━━ DATA EXTRACTS ━━
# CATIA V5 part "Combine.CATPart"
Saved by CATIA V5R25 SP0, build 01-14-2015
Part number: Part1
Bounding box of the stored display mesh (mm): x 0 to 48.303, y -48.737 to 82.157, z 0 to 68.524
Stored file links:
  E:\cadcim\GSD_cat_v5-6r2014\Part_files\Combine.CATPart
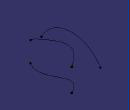
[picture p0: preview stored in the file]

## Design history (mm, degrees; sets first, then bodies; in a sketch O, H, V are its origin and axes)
Set1
  Sketch1 on xy-plane, origin (0, 0, 0), H (1, 0, 0), V (0, 1, 0)
    spline S1 through (48.3033, 66.5608) (25.8768, 40.109) (39.1026, 7.9068) (36.515, -36.6587)
  Sketch2 on yz-plane, origin (0, 0, 0), H (0, 1, 0), V (0, 0, 1)
    arc A1 centre (18.404, -5.761) radius 74.2849 from (-48.7369, 26.0251) to (82.1569, 32.368) cw
  Combine1: Curve1 Sketch2, Curve2 Sketch1
Body1 (main body)
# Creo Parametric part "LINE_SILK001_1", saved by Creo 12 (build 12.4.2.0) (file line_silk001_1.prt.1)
Units: Custom; MM, KILOGRAM, SECS

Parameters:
  PTC_WM_ITERATION = "0"
  PTC_WM_VERSION = "-.0"
  PTC_WM_LIFECYCLE_STATE = "In Work"
  PTC_WM_LIFECYCLE = "MO_CADDocument"
  PTC_WM_CREATED_BY = "Maximilian Roepper (Z0017RMS: MO)"
  PTC_WM_CREATED_ON = "18-Sep-26 11:36:42 AM"
  PTC_WM_MODIFIED_BY = "Maximilian Roepper (Z0017RMS: MO)"
  PTC_WM_MODIFIED_ON = "18-Sep-26 11:36:46 AM"
  PDMLINKNUMBER = "PDM000071454937"
  PTC_WM_NAME = "line_silk001_1.prt"
  PTC_WM_NUMBER = "PDM000071454937"

Other parameters: WEIGHT, WEIGHT_FACTOR, WEIGHT_ADD, _MASS_TEMP, _DIFF_TEMP, MC_ERRORS, SUPPLIER

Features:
  1. coordinate system
  2. datum plane "PRT_YZ"
  3. datum plane "PRT_XY"
  4. datum plane "PRT_XZ"
  5. coordinate system
  6. datum axis
  7. datum axis
  8. datum axis
  9. coordinate system
  10. imported feature

Other named items: PRT, SIEMENS_MO, DRW_VIEW_ORG, PRT_X, PRT_Y, PRT_Z, CS0, ROUGH_GROB

Layers: 00_STD_CSYS-KSYS, 01_STD_PLANES-EBENEN, 02_STD_AXES-ACHSEN, 03_STD_CSYS-KSYS, 24_IMPORT_FEAT-IMPORT_KE

Surfaces: 8 plane
━━━
§ EXERCISE OBJECTIVE
Each line from the first line of the material above through the line containing "[picture p0: preview stored in the file]" is to be reproduced exactly, with both ends kept and pictures left out.

§ EXERCISE RESULT
# CATIA V5 part "Combine.CATPart"
Saved by CATIA V5R25 SP0, build 01-14-2015
Part number: Part1
Bounding box of the stored display mesh (mm): x 0 to 48.303, y -48.737 to 82.157, z 0 to 68.524
Stored file links:
  E:\cadcim\GSD_cat_v5-6r2014\Part_files\Combine.CATPart
[picture p0: preview stored in the file]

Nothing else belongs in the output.